Order Matters

Published:

2021-08-23

Updated:

2021-08-23

The EvalML team benchmarks our AutoML algorithm on a set of regression and classification datasets before we release a new version of our package.

In the 0.31.2 release, a colleage of mine noted that our algorithm was about 10% slower on a dataset used in the KDDCup competition. In this post, I describe how I went about identifying and fixing the cause of this slowdown. You should come away with an understanding of how you can leverage python’s evaluation order to speed up the evaluation of some boolean expressions.

First, I created a minimal reproducer of EvalML’s AutoML algorithm running on the KDDCup dataset so that I could profile it using CProfile. This is what the reproducer looked like:

import pandas as pd
from evalml.automl import AutoMLSearch
from evalml.preprocessing import split_data

X = pd.read_csv("/Users/freddy.boulton/Downloads/KDDCup09_churn.csv")
y = X.pop("CHURN")

X_train, X_validation, y_train, y_validation = split_data(X, y, problem_type="binary",
                                                          test_size=0.5, random_seed=0)
automl = AutoMLSearch(X_train, y_train, "binary")
automl.search()

I profiled the code using EvalML version 0.31.2 and 0.31.0 (the latest version without the performance slowdown). I then used snakeviz to visualize the profiler output. I verfied that version 0.31.2 took 30 seconds (about 10%) longer than version 0.31.0.

To my delight, a function called infer_feature_types that is used during AutoMLSearch took about 30 seconds longer with version 0.31.2. It seems like the slowdown is entirely attributed to a change in infer_feature_types!

Time spent running infer_feature_types in version 0.31.2

Time spent running infer_feature_types in version 0.31.0

Looking at the source code, I noticed that there was a bit of code that was introduced in version 0.31.2 that identified which columns were all NaN (missing values) and had an Unknown type.

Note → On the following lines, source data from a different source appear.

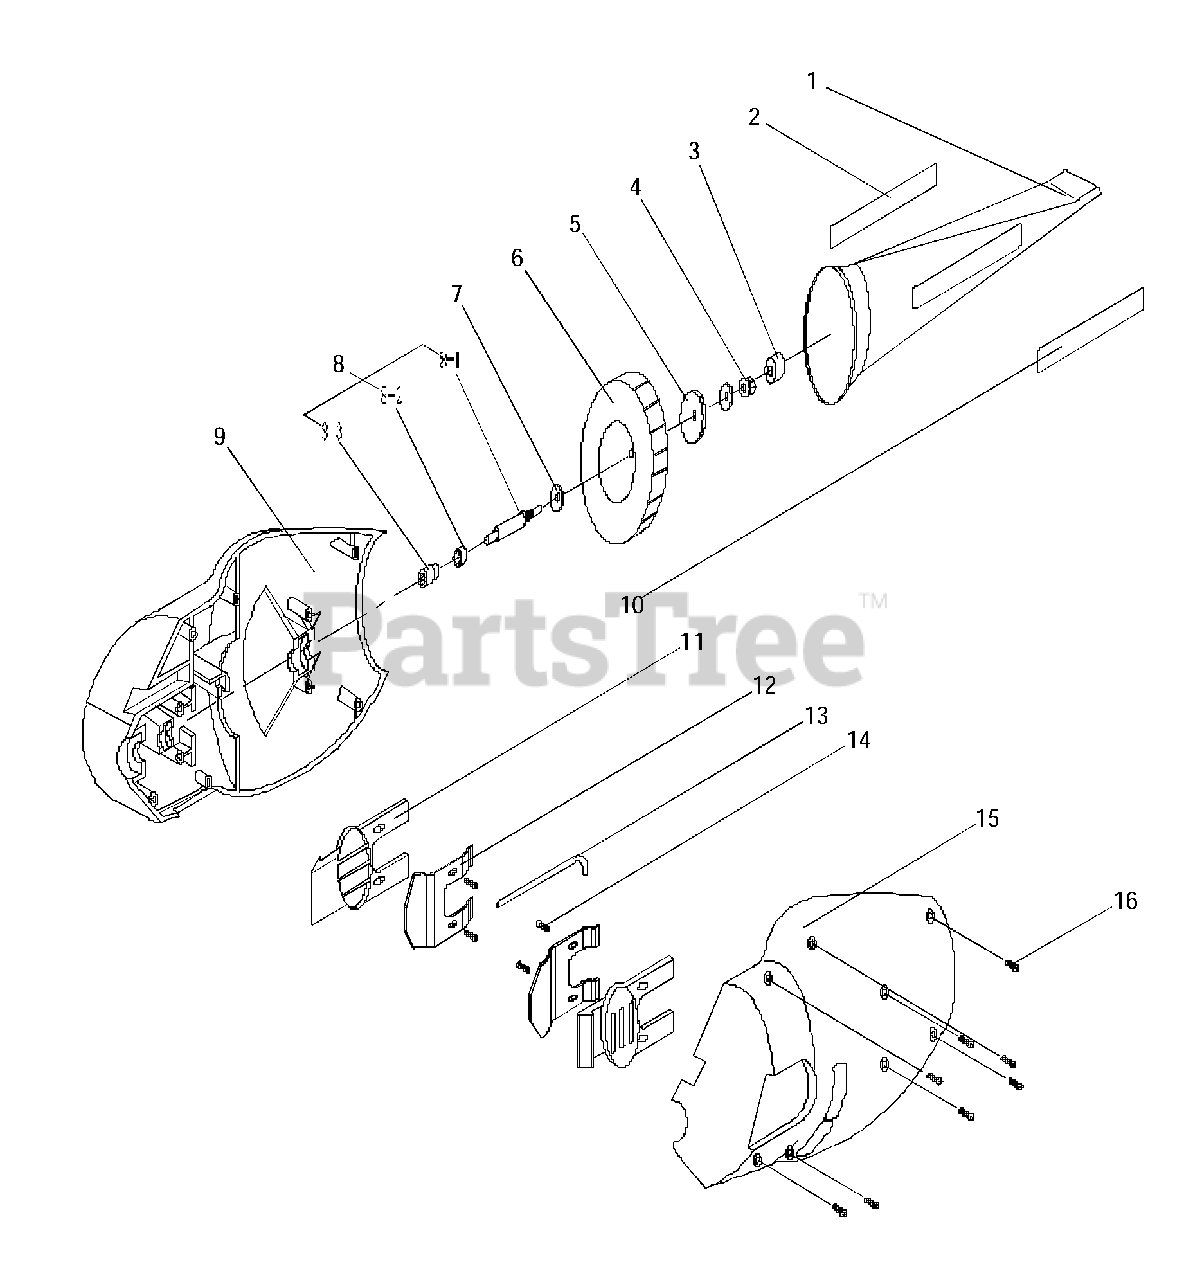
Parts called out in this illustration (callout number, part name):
8	PIVOT ASS'Y
8	JOINTING SLEEVE
9	CONNECT (L)
12	SPRING LAMINATION
15	CONNECT (R)

As an aside, EvalML uses woodwork to identify and track the type of each column. This lets AutoMLSearch automatically transform columns with the right preprocessing components needed to build a good machine learning model. For example, if a feature is of type Categorical, the algorithm will use a one-hot encoding.

This is what that piece of code looked like:

all_null_unk_cols = [
    col
    for col in data.columns
    if (is_column_pd_na(data, col) and is_column_unknown(data, col))
]

When I saw this, the problem was clear - is_column_pd_na is an expensive operation because it needs to check if all elements of the column are missing whereas is_column_unknown just checks if the feature type of the column is Unknown by essentially doing a dictionary lookup.

In python, expressions evaluate from left to right. That means that to evaluate a and b, the interpreter must first check the value of a and then the value of b. However, since this is an and statement, the value of a does not matter if we know b is false! You can see this principle at play in the following code-snippet:

Showing that python evaluates expressions from left to right

Once I switched the order of the expressions so the faster one went first, the time spent in infer_feature_types went back to what it was before!

This miniature case study illustrates that python evaluates expressions from left to right and how you can leverage that fact to identify and eliminate bottlenecks in your code. I also want to emphasize that cProfile and snakeviz are fantastic tools that you should use when profiling your own code!